Using fertilizers is unavoidable in the wheat planting system to achieve a high grain yield. With an expanding world population, the challenge for the next decades will be to develop a highly productive agricultural sector while preserving the quality of the environment (Hirel et al., 2001; Patel et al, 2004; Shrawat et al., 2008; Weinkauf,

2008) . One way to enhance productivity, maintain efficient production, and minimize environmental impact is to develop specific cropping strategies and select productive genotypes that can grow under low N conditions (Delmer, 2005). A multidisciplinary approach to breeding winter wheat that includes physiological indicators of N nutrition efficiency could help to achieve this goal (van Ginkee et al., 2001; Baker et al., 2004; Flowers et al., 2004; Zivanovic et al., 2006; Pathak et al., 2008). This approach to fertilization and mineral nutrition is appropriate in developing alternative forms of crop production such as organic and ecological (Knezevic et al., 2007; Murphy and Jones, 2007; Shrawat et al., 2008; Casagrande et al., 2009).
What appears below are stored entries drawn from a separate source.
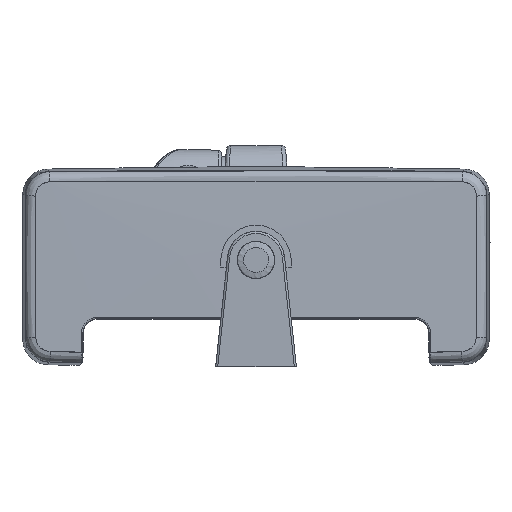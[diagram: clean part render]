
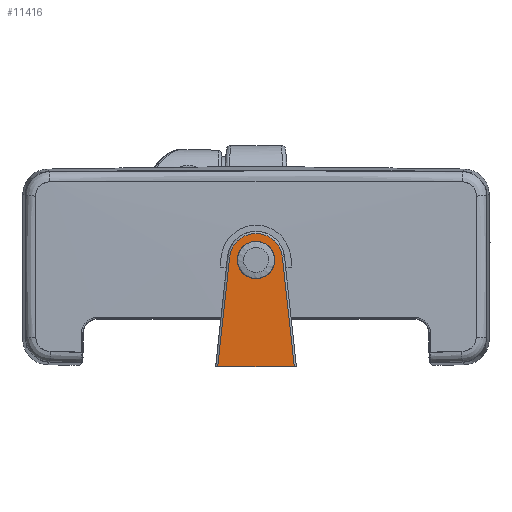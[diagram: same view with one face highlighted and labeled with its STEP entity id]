
A CAD part, front view. The second image highlights one B-rep face of the part: STEP entity #11416.
In plain terms, the highlighted planar face has unit normal (0, -1, 0).
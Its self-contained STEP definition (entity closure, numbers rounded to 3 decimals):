
#2 = VERTEX_POINT ( 'NONE', #13508 ) ;
#121 = ORIENTED_EDGE ( 'NONE', *, *, #9094, .F. ) ;
#1156 = CIRCLE ( 'NONE', #1741, 12.576 ) ;
#1298 = VECTOR ( 'NONE', #2720, 1000. ) ;
#1518 = LINE ( 'NONE', #7304, #1298 ) ;
#1741 = AXIS2_PLACEMENT_3D ( 'NONE', #5092, #12625, #6216 ) ;
#1749 = CARTESIAN_POINT ( 'NONE',  ( 18.161, -350.5, -0.02 ) ) ;
#1817 = DIRECTION ( 'NONE',  ( -0.108, 0., -0.994 ) ) ;
#1854 = AXIS2_PLACEMENT_3D ( 'NONE', #4785, #12345, #5912 ) ;
#1899 = DIRECTION ( 'NONE',  ( 0., 1., 0. ) ) ;
#2153 = ORIENTED_EDGE ( 'NONE', *, *, #12922, .T. ) ;
#2356 = EDGE_CURVE ( 'NONE', #6244, #6616, #4749, .T. ) ;
#2577 = EDGE_LOOP ( 'NONE', ( #2153, #7374, #8413, #8225 ) ) ;
#2720 = DIRECTION ( 'NONE',  ( -0.108, 0., 0.994 ) ) ;
#2937 = CARTESIAN_POINT ( 'NONE',  ( 12.502, -350.5, 51.864 ) ) ;
#2964 = CARTESIAN_POINT ( 'NONE',  ( 0., -350.5, 50.5 ) ) ;
#3394 = FACE_OUTER_BOUND ( 'NONE', #2577, .T. ) ;
#3453 = CARTESIAN_POINT ( 'NONE',  ( -12.502, -350.5, 51.864 ) ) ;
#3474 = CIRCLE ( 'NONE', #1854, 8.9 ) ;
#3547 = EDGE_CURVE ( 'NONE', #6244, #11719, #1518, .T. ) ;
#3710 = VECTOR ( 'NONE', #1817, 1000. ) ;
#4444 = CARTESIAN_POINT ( 'NONE',  ( -19.167, -350.5, -0.02 ) ) ;
#4749 = LINE ( 'NONE', #4444, #4907 ) ;
#4785 = CARTESIAN_POINT ( 'NONE',  ( 0., -350.5, 50.5 ) ) ;
#4797 = LINE ( 'NONE', #12779, #3710 ) ;
#4907 = VECTOR ( 'NONE', #12050, 1000. ) ;
#5092 = CARTESIAN_POINT ( 'NONE',  ( 0., -350.5, 50.5 ) ) ;
#5179 = FACE_BOUND ( 'NONE', #7908, .T. ) ;
#5811 = CARTESIAN_POINT ( 'NONE',  ( -18.161, -350.5, -0.02 ) ) ;
#5912 = DIRECTION ( 'NONE',  ( 0., 0., 1. ) ) ;
#6216 = DIRECTION ( 'NONE',  ( 1., 0., 0. ) ) ;
#6244 = VERTEX_POINT ( 'NONE', #1749 ) ;
#6452 = PLANE ( 'NONE',  #13425 ) ;
#6616 = VERTEX_POINT ( 'NONE', #5811 ) ;
#7304 = CARTESIAN_POINT ( 'NONE',  ( 12.502, -350.5, 51.864 ) ) ;
#7374 = ORIENTED_EDGE ( 'NONE', *, *, #11759, .T. ) ;
#7908 = EDGE_LOOP ( 'NONE', ( #121 ) ) ;
#8225 = ORIENTED_EDGE ( 'NONE', *, *, #3547, .T. ) ;
#8413 = ORIENTED_EDGE ( 'NONE', *, *, #2356, .F. ) ;
#9094 = EDGE_CURVE ( 'NONE', #2, #2, #3474, .T. ) ;
#9799 = DIRECTION ( 'NONE',  ( 1., 0., 0. ) ) ;
#10505 = VERTEX_POINT ( 'NONE', #3453 ) ;
#11416 = ADVANCED_FACE ( 'NONE', ( #5179, #3394 ), #6452, .F. ) ;
#11719 = VERTEX_POINT ( 'NONE', #2937 ) ;
#11759 = EDGE_CURVE ( 'NONE', #10505, #6616, #4797, .T. ) ;
#12050 = DIRECTION ( 'NONE',  ( -1., 0., 0. ) ) ;
#12345 = DIRECTION ( 'NONE',  ( 0., -1., 0. ) ) ;
#12625 = DIRECTION ( 'NONE',  ( 0., -1., 0. ) ) ;
#12779 = CARTESIAN_POINT ( 'NONE',  ( -18.173, -350.5, -0.128 ) ) ;
#12922 = EDGE_CURVE ( 'NONE', #11719, #10505, #1156, .T. ) ;
#13425 = AXIS2_PLACEMENT_3D ( 'NONE', #2964, #1899, #9799 ) ;
#13508 = CARTESIAN_POINT ( 'NONE',  ( 0., -350.5, 59.4 ) ) ;

Increased N nutrition efficiency and absorption from soil reserves and applied fertilizers can be obtained by increased mass or by the root system's absorbing capability. Given the natural environment needed for root system development, it is almost impossible to follow its formation and activity. We can make some indirect conclusions about the root system absorbing N more easily on the basis of some physiological parameters such as plant N accumulation at flowering, in the grain, in the straw, and total N.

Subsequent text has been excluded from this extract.